Apple makes some great products, and they handle certain parts within a home theater better than others. Unfortunately for you, you've picked a "part" that Macs don't do easily. It takes a little extra effort and/or expense. I use a core duo Mac with two EyeTV500s to record two high def programs via QAM at the same time and am (almost) completely satisfied. If not for the infrequent digital audio kernel panic issue I'd be completely satisfied with EyeTV. I'm not sure, though, what you mean by:
I also am concerned that any card I use to get the signal will only be able to get the lower cable channels, and not get the higher ones.
Which mac mini do you have?
Maybe "lower channels" is referring to NBC/ABC etc as opposed to HBO/Showtime? If the channel is set to Copy-Once, only the cable company's DVR can record and play it back.
Do you have a TV with a digital tuner? If so, you can probably test the signal strength for the available OTA stations (are you in the U.S.?). Proper signal strength is a huge factor. I live in the first-floor apartment of a 3-story house; some days I get a great signal, some days not.
I have an EyeTV500 as well, and it's great for taping PBS (no commercials and I get a great signal for that station). Editing out commercials is a pain, and the amount of hard drive space that shows eat up means that there's constant maintenance to free up space. It's great for what it does (Monsters Inc. looks great in high definition), but when the Fall season starts up, I always wish iTunes was selling shows in true HD.
What I meant by the high channels is that if I remember right you could get channels 1-80 without a cable box, but if you wanted any channels above that you needed the cable box. I am using Comcast and the digitial channels are in the 200 range. I did not want to do something just to find out I could not get those channels, unless I wanted to fork our more money to them.
The MAC mini I have is the 1.83 MHZ Core duo.
Joe
chefklc is correct. You will most likely only be able to receive the major networks with any device that is not supplied by your cable/satellite/FiOS company. Everything else will be encrypted. (I occasionally receive ESPN-HD unencrypted over QAM, but that's sporadic.) If you use a set-top box you could use it (controlled with an IR blaster) to record the lower and higher channels and your second tuner to record major networks. Unfortunately, the Elgato EyeTV 500 is no longer available and doesn't have an IR blaster anyway. The follow-on Elgato products also don't have IR blasters and are not quite as robust as the EyeTV 500.

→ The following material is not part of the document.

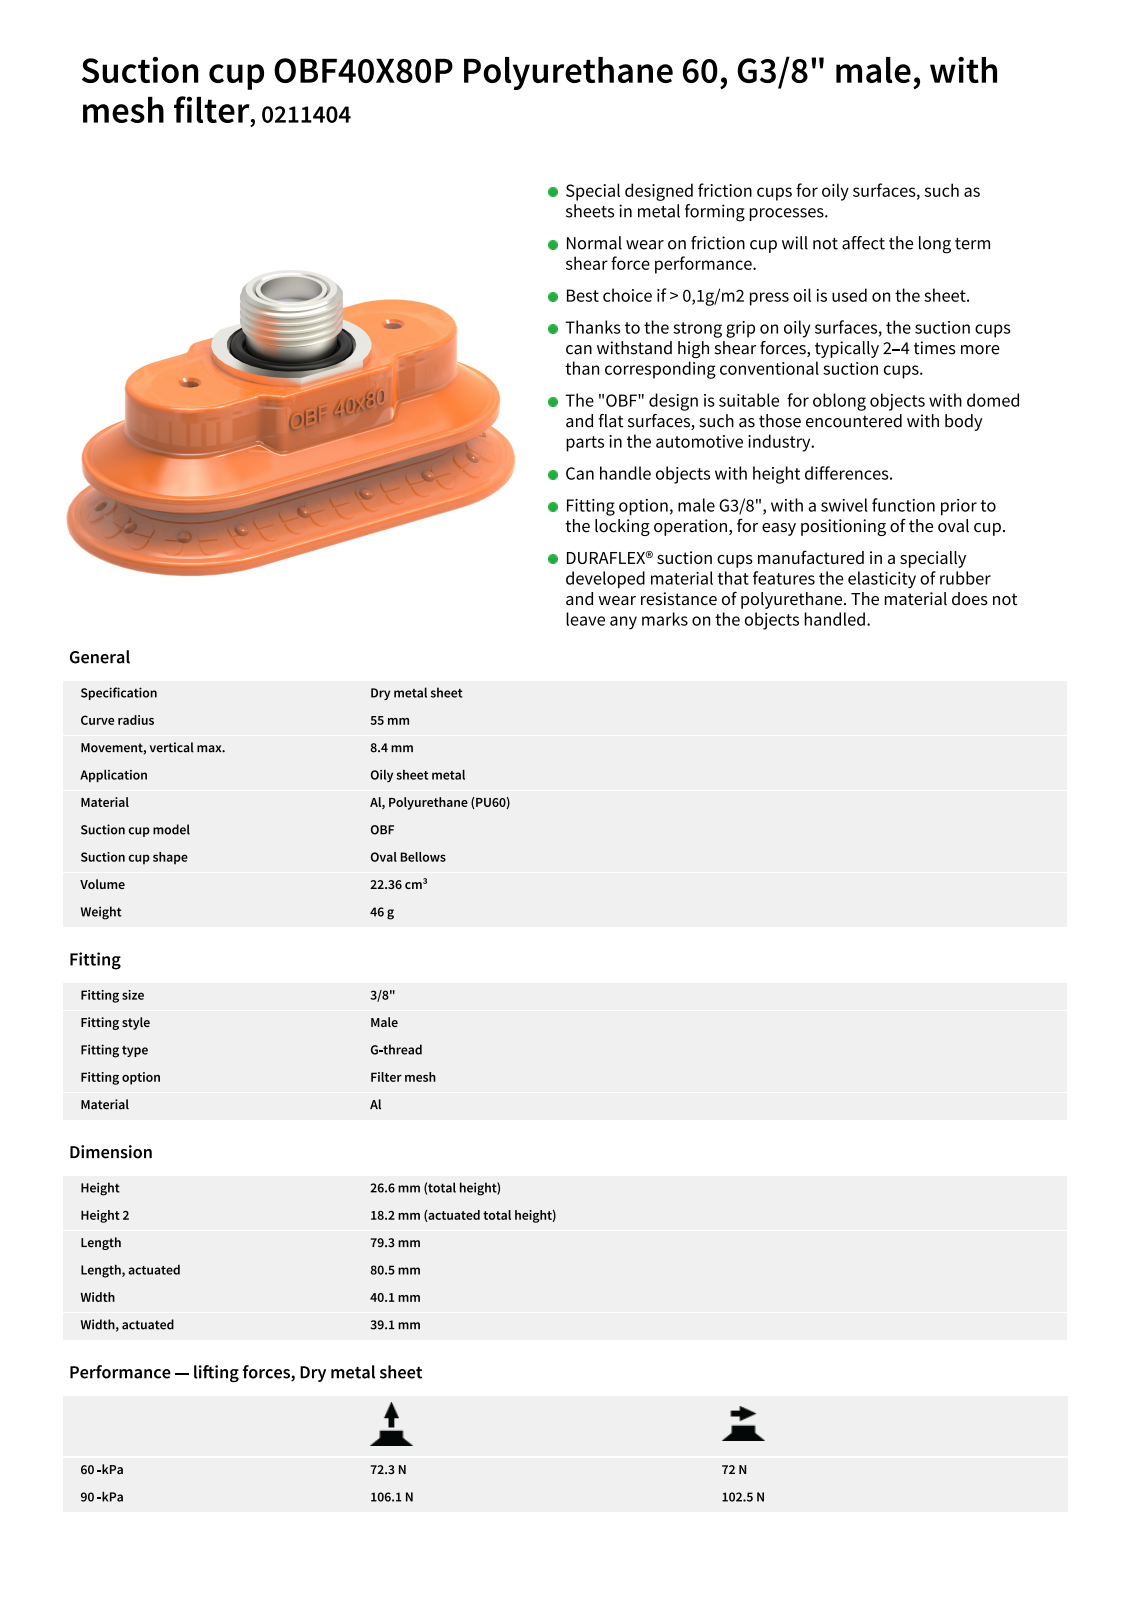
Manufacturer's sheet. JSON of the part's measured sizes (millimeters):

So, if you need access to encrypted channels, my opinion is that a cable company HD-DVR is currently the best solution. If not, the EyeTV Hybrid would a good choice. (FWIW, I recently got Verizon FiOS tv service and have the Motorola QIP-6416 DVR. The interface isn't nearly as good as my ReplayTV, and probably not quite as good as TiVo, but it is easier to use than the EyeTV software, doesn't crash or cause kernel panics and has dual tuners, but it also costs me $13/month, whereas the EyeTV is a one-shot cost.)

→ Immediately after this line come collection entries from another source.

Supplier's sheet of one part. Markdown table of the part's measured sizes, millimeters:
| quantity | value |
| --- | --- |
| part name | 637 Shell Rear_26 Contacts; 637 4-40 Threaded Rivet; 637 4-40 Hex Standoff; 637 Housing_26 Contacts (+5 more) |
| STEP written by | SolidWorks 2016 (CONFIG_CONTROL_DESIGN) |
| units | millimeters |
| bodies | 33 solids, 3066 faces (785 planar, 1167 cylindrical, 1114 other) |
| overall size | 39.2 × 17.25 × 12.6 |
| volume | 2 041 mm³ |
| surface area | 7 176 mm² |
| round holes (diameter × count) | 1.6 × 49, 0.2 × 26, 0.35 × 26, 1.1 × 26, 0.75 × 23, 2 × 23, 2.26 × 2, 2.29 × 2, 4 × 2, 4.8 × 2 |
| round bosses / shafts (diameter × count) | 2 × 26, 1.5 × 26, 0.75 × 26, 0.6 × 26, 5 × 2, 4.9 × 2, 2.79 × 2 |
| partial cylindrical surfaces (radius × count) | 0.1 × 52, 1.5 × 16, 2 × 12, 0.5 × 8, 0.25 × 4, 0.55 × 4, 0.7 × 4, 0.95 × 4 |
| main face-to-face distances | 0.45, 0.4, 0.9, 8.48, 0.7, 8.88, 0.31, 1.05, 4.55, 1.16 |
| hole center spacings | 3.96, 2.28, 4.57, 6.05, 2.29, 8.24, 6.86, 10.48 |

chefklc 07-10-07, 03:49 PM Joe, I've been a Comcast basic cable customer, in terms of high def with an EyeTV device, that means you plug the coax cable into the device, you don't need any cable box or STB, and you'll be able to record anything that's "in the clear" or otherwise referred to as unencrypted QAM, as Lazlo said, for me it's ABC, NBC, CBS, PBS, and the CW. Since I watch a lot of network programming, I'm very happy. You can still pick up EyeTV500s in the used marketplace, I found my second one for under $100 on Craigslist. What's nice about the 500s, besides being firewire, is that they have two inputs, so you can hook up OTA with an antenna and QAM via a coax simultaneously.
I wouldn't get hung up on where a channel is--at least in terms of what the cable box is telling you--because the actual frequency, where the channel actually is, is usually hidden from the consumer and remapped (by the box and by the cable company.) To find your QAM channel locations, sometimes your TV or tuner will scan them and pick them up, some times you usually have to do a little digging on your own and/or drop in on a local HDTV discussion group.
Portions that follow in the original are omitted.